Data records:
_ _ _

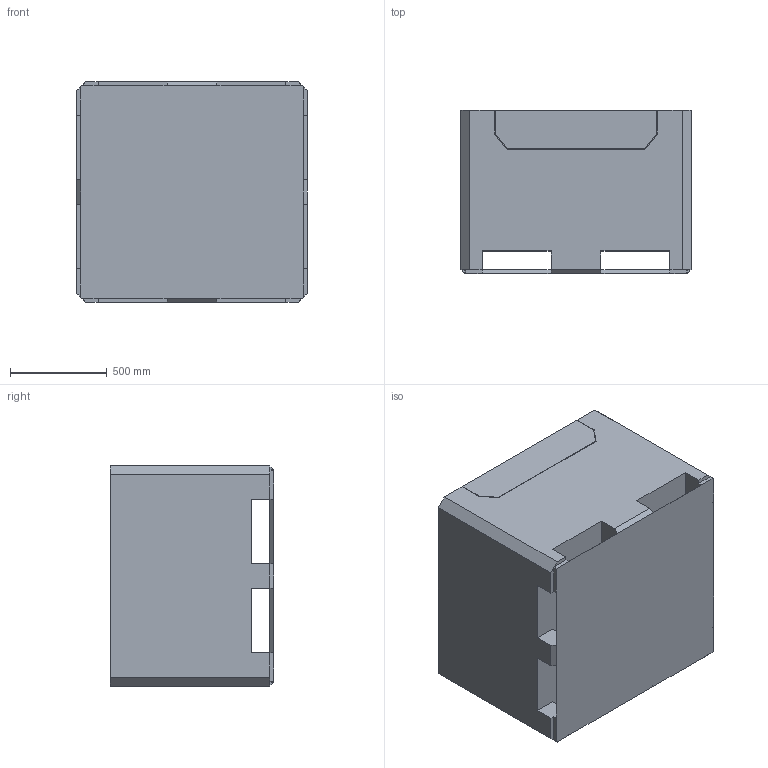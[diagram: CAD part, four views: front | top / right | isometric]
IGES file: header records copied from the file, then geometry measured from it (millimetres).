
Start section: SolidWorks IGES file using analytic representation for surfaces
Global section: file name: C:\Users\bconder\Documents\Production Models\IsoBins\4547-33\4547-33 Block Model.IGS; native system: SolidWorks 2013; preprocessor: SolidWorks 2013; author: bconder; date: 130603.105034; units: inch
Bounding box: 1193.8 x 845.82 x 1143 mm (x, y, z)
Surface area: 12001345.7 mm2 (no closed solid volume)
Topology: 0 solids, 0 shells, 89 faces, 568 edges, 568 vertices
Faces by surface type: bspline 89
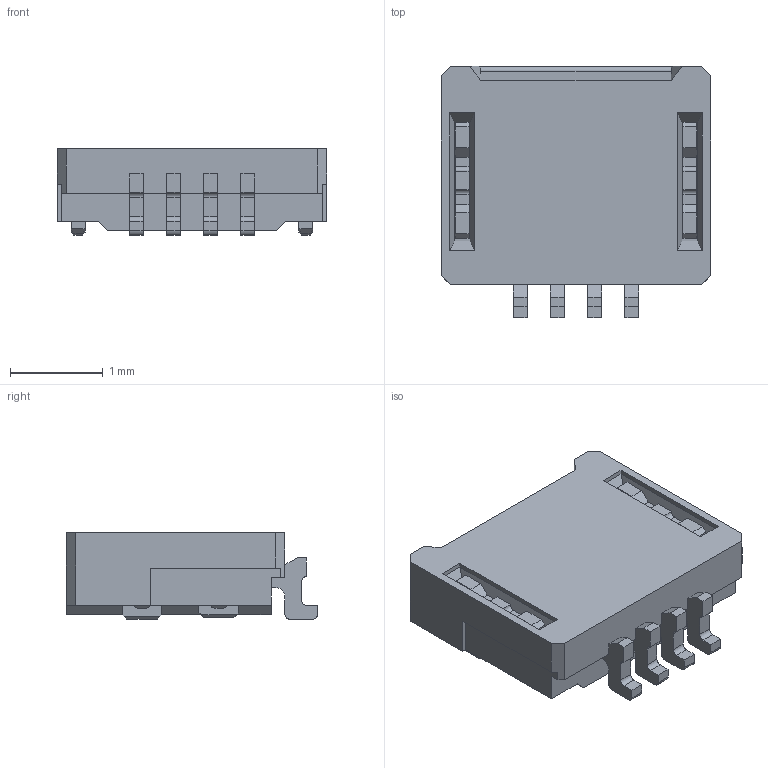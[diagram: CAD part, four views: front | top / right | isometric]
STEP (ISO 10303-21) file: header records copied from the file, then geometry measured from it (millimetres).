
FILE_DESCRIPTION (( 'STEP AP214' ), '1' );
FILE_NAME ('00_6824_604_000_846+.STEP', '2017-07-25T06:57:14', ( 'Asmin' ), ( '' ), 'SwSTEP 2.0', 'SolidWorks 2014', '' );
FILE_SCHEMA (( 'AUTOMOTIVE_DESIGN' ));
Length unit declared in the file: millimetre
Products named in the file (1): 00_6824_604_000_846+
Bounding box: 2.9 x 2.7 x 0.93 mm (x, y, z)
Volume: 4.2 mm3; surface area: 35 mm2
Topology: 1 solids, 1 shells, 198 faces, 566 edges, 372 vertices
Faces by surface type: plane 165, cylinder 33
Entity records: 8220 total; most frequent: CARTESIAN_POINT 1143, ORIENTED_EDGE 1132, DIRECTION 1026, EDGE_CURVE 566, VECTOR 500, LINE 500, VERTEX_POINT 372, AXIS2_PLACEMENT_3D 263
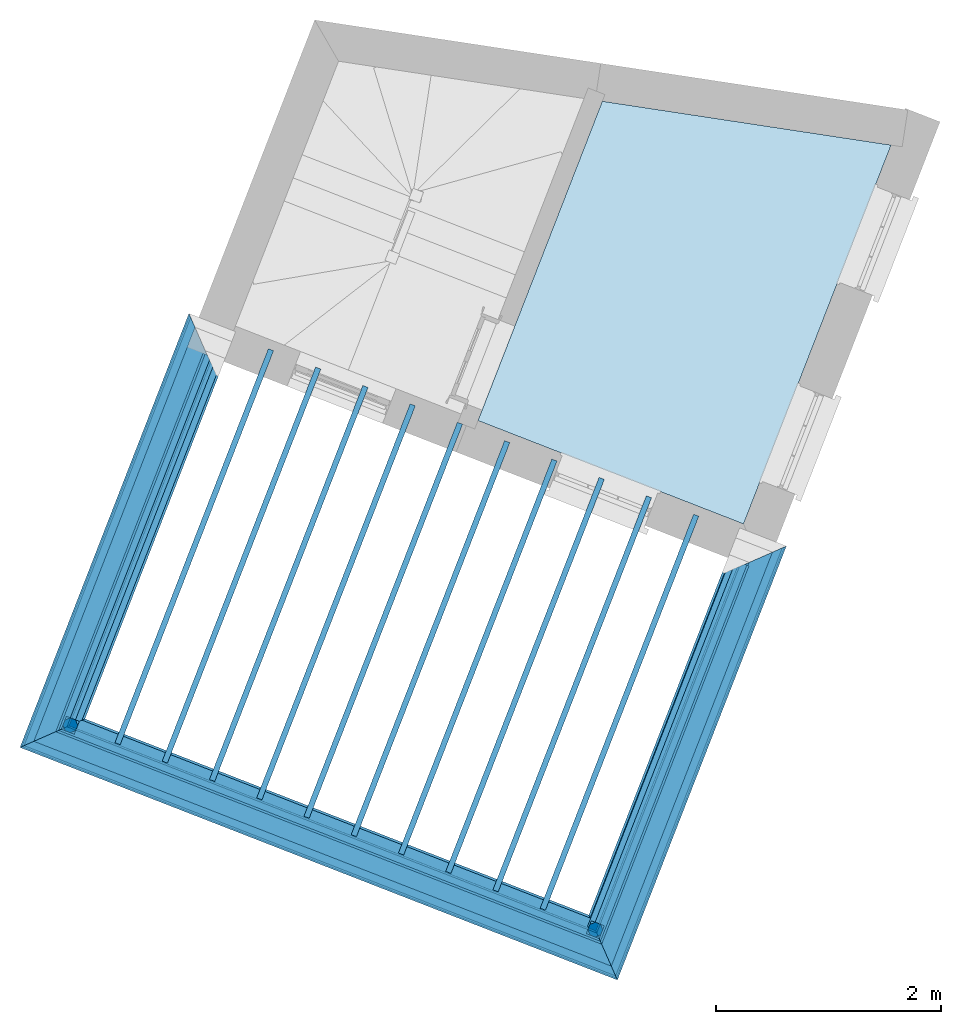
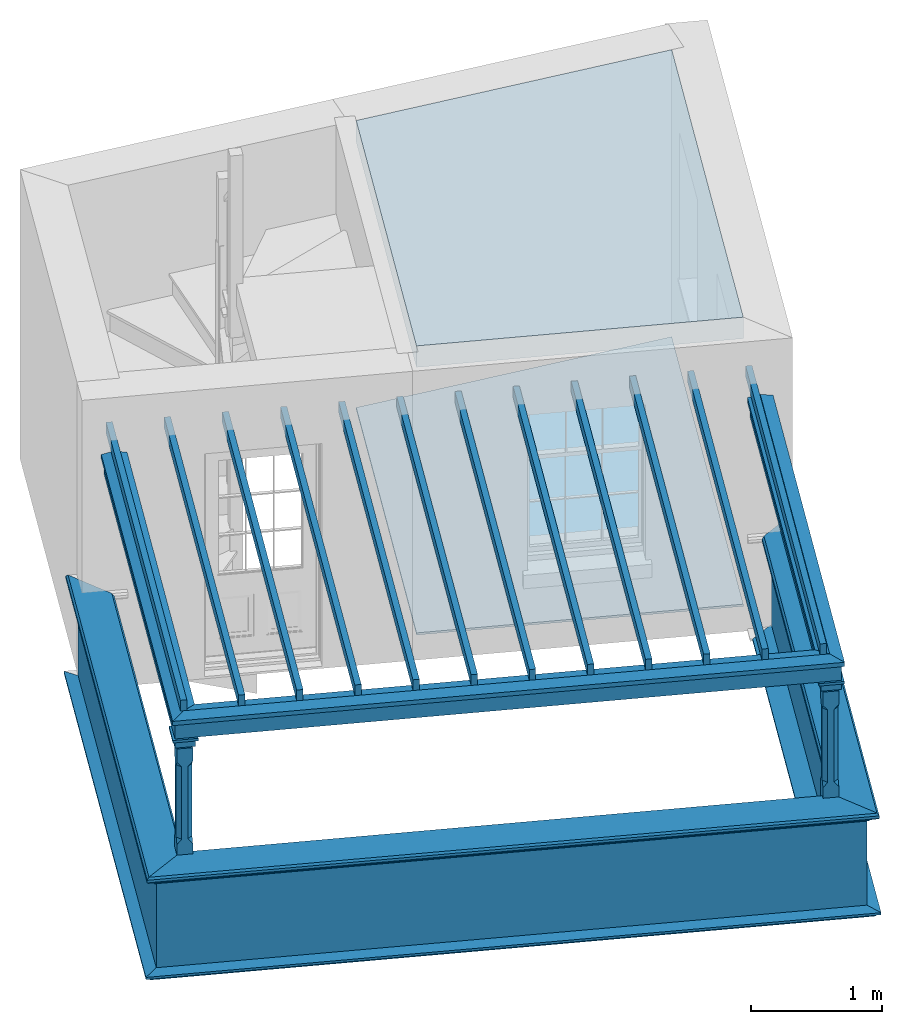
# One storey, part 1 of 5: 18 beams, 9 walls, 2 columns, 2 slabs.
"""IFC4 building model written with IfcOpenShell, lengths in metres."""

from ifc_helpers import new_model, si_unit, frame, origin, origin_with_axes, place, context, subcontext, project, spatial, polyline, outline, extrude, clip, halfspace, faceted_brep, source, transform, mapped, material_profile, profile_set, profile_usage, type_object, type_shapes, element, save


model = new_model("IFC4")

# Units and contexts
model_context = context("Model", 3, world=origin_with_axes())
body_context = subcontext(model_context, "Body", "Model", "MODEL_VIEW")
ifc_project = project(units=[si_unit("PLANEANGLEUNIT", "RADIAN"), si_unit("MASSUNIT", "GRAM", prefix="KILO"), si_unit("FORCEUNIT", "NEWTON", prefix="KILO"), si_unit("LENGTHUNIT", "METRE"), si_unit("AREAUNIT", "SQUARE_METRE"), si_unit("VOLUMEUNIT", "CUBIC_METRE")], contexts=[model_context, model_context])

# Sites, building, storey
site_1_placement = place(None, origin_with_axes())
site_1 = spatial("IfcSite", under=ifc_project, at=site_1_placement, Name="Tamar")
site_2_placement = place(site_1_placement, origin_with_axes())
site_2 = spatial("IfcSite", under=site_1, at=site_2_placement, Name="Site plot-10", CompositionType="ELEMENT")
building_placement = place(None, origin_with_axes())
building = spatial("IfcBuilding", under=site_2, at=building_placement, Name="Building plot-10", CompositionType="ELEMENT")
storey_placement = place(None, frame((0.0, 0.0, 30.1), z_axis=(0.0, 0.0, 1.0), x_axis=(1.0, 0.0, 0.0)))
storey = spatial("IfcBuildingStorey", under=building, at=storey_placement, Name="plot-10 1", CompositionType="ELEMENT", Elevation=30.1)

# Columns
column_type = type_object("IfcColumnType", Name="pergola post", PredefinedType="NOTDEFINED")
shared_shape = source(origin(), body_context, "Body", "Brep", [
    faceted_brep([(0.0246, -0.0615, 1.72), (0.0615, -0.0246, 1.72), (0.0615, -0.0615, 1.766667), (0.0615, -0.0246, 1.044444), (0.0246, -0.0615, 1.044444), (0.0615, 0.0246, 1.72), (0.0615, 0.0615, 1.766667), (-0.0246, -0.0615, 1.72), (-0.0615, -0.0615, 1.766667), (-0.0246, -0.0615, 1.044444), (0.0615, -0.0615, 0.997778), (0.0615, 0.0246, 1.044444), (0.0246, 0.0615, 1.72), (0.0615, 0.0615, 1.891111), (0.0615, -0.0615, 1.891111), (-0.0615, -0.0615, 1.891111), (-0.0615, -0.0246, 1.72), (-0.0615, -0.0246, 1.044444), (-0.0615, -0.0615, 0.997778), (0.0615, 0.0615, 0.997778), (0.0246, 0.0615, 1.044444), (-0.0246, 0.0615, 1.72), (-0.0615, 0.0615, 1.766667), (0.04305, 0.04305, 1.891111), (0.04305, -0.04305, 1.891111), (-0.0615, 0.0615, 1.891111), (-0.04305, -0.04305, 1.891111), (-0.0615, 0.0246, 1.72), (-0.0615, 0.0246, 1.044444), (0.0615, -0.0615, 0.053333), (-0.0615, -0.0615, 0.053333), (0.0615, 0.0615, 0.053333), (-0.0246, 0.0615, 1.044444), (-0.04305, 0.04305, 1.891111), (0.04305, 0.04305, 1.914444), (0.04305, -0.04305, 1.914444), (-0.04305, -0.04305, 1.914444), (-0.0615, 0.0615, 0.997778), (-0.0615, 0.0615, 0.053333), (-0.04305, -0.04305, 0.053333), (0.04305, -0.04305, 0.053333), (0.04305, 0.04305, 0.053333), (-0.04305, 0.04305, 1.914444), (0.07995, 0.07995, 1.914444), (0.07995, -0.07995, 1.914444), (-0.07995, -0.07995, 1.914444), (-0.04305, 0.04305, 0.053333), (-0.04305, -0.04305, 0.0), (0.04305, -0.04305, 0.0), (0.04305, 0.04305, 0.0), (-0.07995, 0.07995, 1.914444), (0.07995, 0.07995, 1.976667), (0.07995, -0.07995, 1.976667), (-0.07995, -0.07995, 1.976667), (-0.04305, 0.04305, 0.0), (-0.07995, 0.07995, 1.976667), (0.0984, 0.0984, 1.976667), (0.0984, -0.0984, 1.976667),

_ _ _

#### [Exercise]
Each line above that contains "millimetres" must be copied out.

#### [Finished task]
IGES file: header records copied from the file, then geometry measured from it (millimetres).
STEP (ISO 10303-21) file: header records copied from the file, then geometry measured from it (millimetres).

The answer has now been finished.